Dalam tabligh Akbar yang diselenggarakan oleh Dewan Dakwah Islamiyyah Indonesia di mesjid al-Furqan Jakarta (17/10-09), Ustadz Asep Sobari, peneliti bidang sejarah INSISTS, alumnus Universitas Madinah, mengupas berbagai kecurangan dan keculasan Fouda dalam mengutip kitab-kitab rujukan dari Al-Thabri dan Ibnu Saad. Dengan gamblang, Asep menunjukkan bagaimana Fouda telah dengan sengaja mengambil sejumlah riwayat yang lemah dan tidak jelas sumbernya untuk mendukung opininya, lalu dia katakan sebagai fakta sejarah.  Fouda telah banyak mengutip riwayat minor dari salah satu sumber rujukan, tanpa  meneliti atau membandingkan dengan  riwayat-riwayat lain yang dimuat dalam sumber yang sama, apatah lagi dari sumber lain. Sebuah cara yang memang biasa digunakan kaum orientalis dalam menulis sejarah Islam. Salah satu contoh,  Ibnu Saad dalam Thabaqat-nya(3:77-78) menyebut beberapa riwayat dari Amr bin Abdullah dan al-Waqidi  dengan jelas menyatakan bahwa Utsman dimakamkan langsung malam harinya di Baqi’. Pernyataan Fouda bahwa Utsman dimakamkan di areal pekuburan Yahudi, tidak tercantum sama sekali dalam redaksi riwayat al-Waqidi yang dikutip Fouda, juga tidak terdapat dalam riwayat-riwayat lain yang disebut Al-Thabari. Ini salah satu fitnah dan kejahatan besar yang dilakukan Fouda dalam melecehkan menantu Nabi dan salah seorang sahabat terkemuka itu .
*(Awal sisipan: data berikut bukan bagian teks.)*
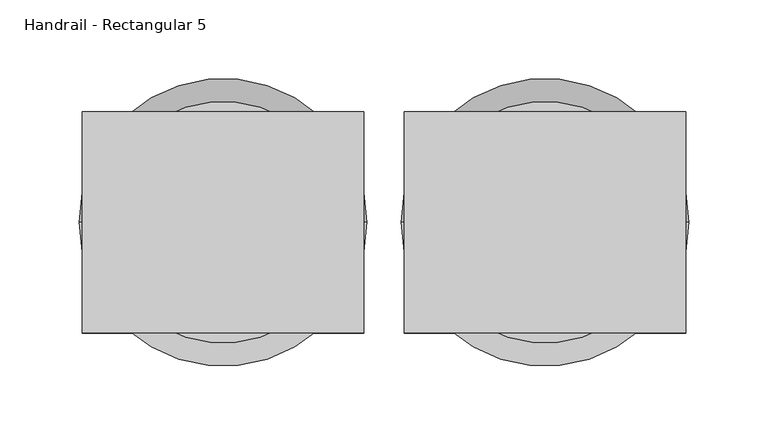
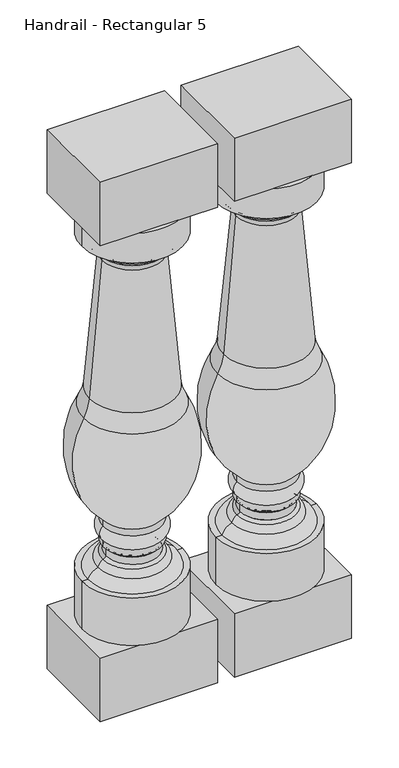
"""IFC4 building model written with IfcOpenShell, lengths in millimetres: railing geometry, Handrail - Rectangular 5."""

from ifc_helpers import new_model, si_unit, point, frame, origin, place, context, project, spatial, polyline, circle_curve, ellipse_curve, trimmed, outline, extrude, source, transform, mapped, element, save
from ifc_brep_helpers import plane_surface, cylinder_surface, revolved_surface, advanced_brep


def handrail_rectangular_5_6e42911b(model_context):
    return source(origin(), model_context, "Body", "SolidModel", [
        advanced_brep(
        [(16494.6521895, -1665.6164768, 873.125), (16647.0521895, -1665.6164768, 873.125), (16570.8521895, -1665.6164768, 873.125), (16494.6521895, -1665.6164768, 825.4490755), (16647.0521895, -1665.6164768, 825.4490755), (16504.6954208, -1665.6164768, 825.4490755), (16637.0089583, -1665.6164768, 825.4490755), (16516.1787107, -1665.6164768, 813.9657856), (16625.5256684, -1665.6164768, 813.9657856), (16516.1787107, -1665.6164768, 808.3461292), (16625.5256684, -1665.6164768, 808.3461292), (16521.8808978, -1665.6164768, 802.2016975), (16619.8234813, -1665.6164768, 802.2016975), (16525.2226936, -1665.6164768, 792.8428746), (16616.4816855, -1665.6164768, 792.8428746), (16506.4551876, -1665.6164768, 577.4758218), (16635.2491915, -1665.6164768, 577.4758218), (16497.437965, -1665.6164768, 549.5125844), (16644.2664141, -1665.6164768, 549.5125844), (16526.7087972, -1665.6164768, 376.7693301), (16614.9955818, -1665.6164768, 376.7693301), (16526.7087972, -1665.6164768, 366.4437154), (16614.9955818, -1665.6164768, 366.4437154), (16526.7087972, -1665.6164768, 343.8682651), (16614.9955818, -1665.6164768, 343.8682651), (16526.7087972, -1665.6164768, 333.5426504), (16614.9955818, -1665.6164768, 333.5426504), (16531.0192375, -1665.6164768, 329.2322102), (16610.6851416, -1665.6164768, 329.2322102), (16531.0192375, -1665.6164768, 317.4353211), (16610.6851416, -1665.6164768, 317.4353211), (16526.5214444, -1665.6164768, 313.1289544), (16615.1829347, -1665.6164768, 313.1289544), (16519.0009874, -1665.6164768, 303.0807869), (16622.7033917, -1665.6164768, 303.0807869), (16503.8523786, -1665.6164768, 288.925), (16637.8520004, -1665.6164768, 288.925), (16494.6521895, -1665.6164768, 288.925), (16647.0521895, -1665.6164768, 288.925), (16494.6521895, -1665.6164768, 212.725), (16647.0521895, -1665.6164768, 212.725), (16570.8521895, -1665.6164768, 212.725)],
        [
            (0, 1, circle_curve(frame((16570.8521895, -1665.6164768, 873.125), z_axis=(0.0, 0.0, 1.0), x_axis=(1.0, 0.0, 0.0)), 76.2)),
            (1, 2),
            (2, 0),
            (1, 0, circle_curve(frame((16570.8521895, -1665.6164768, 873.125), z_axis=(0.0, 0.0, 1.0), x_axis=(1.0, 0.0, 0.0)), 76.2)),
            (3, 4, circle_curve(frame((16570.8521895, -1665.6164768, 825.4490755), z_axis=(0.0, 0.0, 1.0), x_axis=(1.0, 0.0, 0.0)), 76.2)),
            (4, 1),
            (0, 3),
            (4, 3, circle_curve(frame((16570.8521895, -1665.6164768, 825.4490755), z_axis=(0.0, 0.0, 1.0), x_axis=(1.0, 0.0, 0.0)), 76.2)),
            (5, 6, circle_curve(frame((16570.8521895, -1665.6164768, 825.4490755), z_axis=(0.0, 0.0, 1.0), x_axis=(1.0, 0.0, 0.0)), 66.1567687)),
            (6, 4),
            (3, 5),
            (6, 5, circle_curve(frame((16570.8521895, -1665.6164768, 825.4490755), z_axis=(0.0, 0.0, 1.0), x_axis=(1.0, 0.0, 0.0)), 66.1567687)),
            (7, 8, circle_curve(frame((16570.8521895, -1665.6164768, 813.9657856), z_axis=(0.0, 0.0, 1.0), x_axis=(1.0, 0.0, 0.0)), 54.6734788)),
            (8, 6, circle_curve(frame((16625.5256684, -1665.6164768, 825.4490755), z_axis=(0.0, -1.0, 0.0), x_axis=(-1.0, 0.0, 0.0)), 11.4832899)),
            (5, 7, circle_curve(frame((16516.1787107, -1665.6164768, 825.4490755), z_axis=(0.0, -1.0, 0.0), x_axis=(1.0, 0.0, 0.0)), 11.4832899)),
            (8, 7, circle_curve(frame((16570.8521895, -1665.6164768, 813.9657856), z_axis=(0.0, 0.0, 1.0), x_axis=(1.0, 0.0, 0.0)), 54.6734788)),
            (9, 10, circle_curve(frame((16570.8521895, -1665.6164768, 808.3461292), z_axis=(0.0, 0.0, 1.0), x_axis=(1.0, 0.0, 0.0)), 54.6734788)),
            (10, 8),
            (7, 9),
            (10, 9, circle_curve(frame((16570.8521895, -1665.6164768, 808.3461292), z_axis=(0.0, 0.0, 1.0), x_axis=(1.0, 0.0, 0.0)), 54.6734788)),
            (11, 12, circle_curve(frame((16570.8521895, -1665.6164768, 802.2016975), z_axis=(0.0, 0.0, 1.0), x_axis=(1.0, 0.0, 0.0)), 48.9712918)),
            (12, 10, circle_curve(frame((16633.2345288, -1665.6164768, 795.4740105), z_axis=(0.0, 1.0, 0.0), x_axis=(-1.0, 0.0, 0.0)), 15.0039317)),
            (9, 11, circle_curve(frame((16508.4698503, -1665.6164768, 795.4740105), z_axis=(0.0, 1.0, 0.0), x_axis=(1.0, 0.0, 0.0)), 15.0039317)),
            (12, 11, circle_curve(frame((16570.8521895, -1665.6164768, 802.2016975), z_axis=(0.0, 0.0, 1.0), x_axis=(1.0, 0.0, 0.0)), 48.9712918)),
            (13, 14, circle_curve(frame((16570.8521895, -1665.6164768, 792.8428746), z_axis=(0.0, 0.0, 1.0), x_axis=(1.0, 0.0, 0.0)), 45.629496)),
            (14, 12, circle_curve(frame((16629.1595739, -1665.6164768, 793.5919719), z_axis=(0.0, 1.0, 0.0), x_axis=(-1.0, 0.0, 0.0)), 12.7)),
            (11, 13, circle_curve(frame((16512.5448052, -1665.6164768, 793.5919719), z_axis=(0.0, 1.0, 0.0), x_axis=(1.0, 0.0, 0.0)), 12.7)),
            (14, 13, circle_curve(frame((16570.8521895, -1665.6164768, 792.8428746), z_axis=(0.0, 0.0, 1.0), x_axis=(1.0, 0.0, 0.0)), 45.629496)),
            (15, 16, circle_curve(frame((16570.8521895, -1665.6164768, 577.4758218), z_axis=(0.0, 0.0, 1.0), x_axis=(1.0, 0.0, 0.0)), 64.3970019)),
            (16, 14, circle_curve(frame((20483.9232099, -1665.6164768, 1021.358044), z_axis=(0.0, 1.0, 0.0), x_axis=(-1.0, 0.0, 0.0)), 3874.1867698)),
            (13, 15, circle_curve(frame((12657.7811691, -1665.6164768, 1021.358044), z_axis=(0.0, 1.0, 0.0), x_axis=(1.0, 0.0, 0.0)), 3874.1867698)),
            (16, 15, circle_curve(frame((16570.8521895, -1665.6164768, 577.4758218), z_axis=(0.0, 0.0, 1.0), x_axis=(1.0, 0.0, 0.0)), 64.3970019)),
            (17, 18, circle_curve(frame((16570.8521895, -1665.6164768, 549.5125844), z_axis=(0.0, 0.0, 1.0), x_axis=(1.0, 0.0, 0.0)), 73.4142246)),
            (18, 16, circle_curve(frame((16709.7688441, -1665.6164768, 586.070457), z_axis=(0.0, 1.0, 0.0), x_axis=(-1.0, 0.0, 0.0)), 75.0136413)),
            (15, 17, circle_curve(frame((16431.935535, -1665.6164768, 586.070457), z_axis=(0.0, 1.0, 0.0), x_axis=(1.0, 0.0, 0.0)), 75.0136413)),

Tampaknya baik Azyumardi, Syafi’i maupun Goenawan tidak mengecek sendiri pada kitab Al-Thabari dan Ibn Sa’ad, mereka taken for granted, taklid buta kepada Fouda. Dengan penggambaran seperti di atas kita menangkap pesan, bahwa khalifah ke-3 dari Khulafaurrasyidin adalah seorang yang hina, sial, brengsek dan serakah. Seolah selama ribuan tahun, umat Islam itu tolol semua. Para ulama telah melakukan kecurangan, menyembunyikan fakta sejarah tentang sahabat Nabi saw. Seolah para orang tua muslim telah salah mengajar anak-anaknya untuk mencintai Nabi saw dan para sahabatnya, padahal kata mereka, sahabat Nabi  yang diagung-agungkan dan senantiasa dido’akan umat Islam itu manusia busuk dan haus kekuasaan.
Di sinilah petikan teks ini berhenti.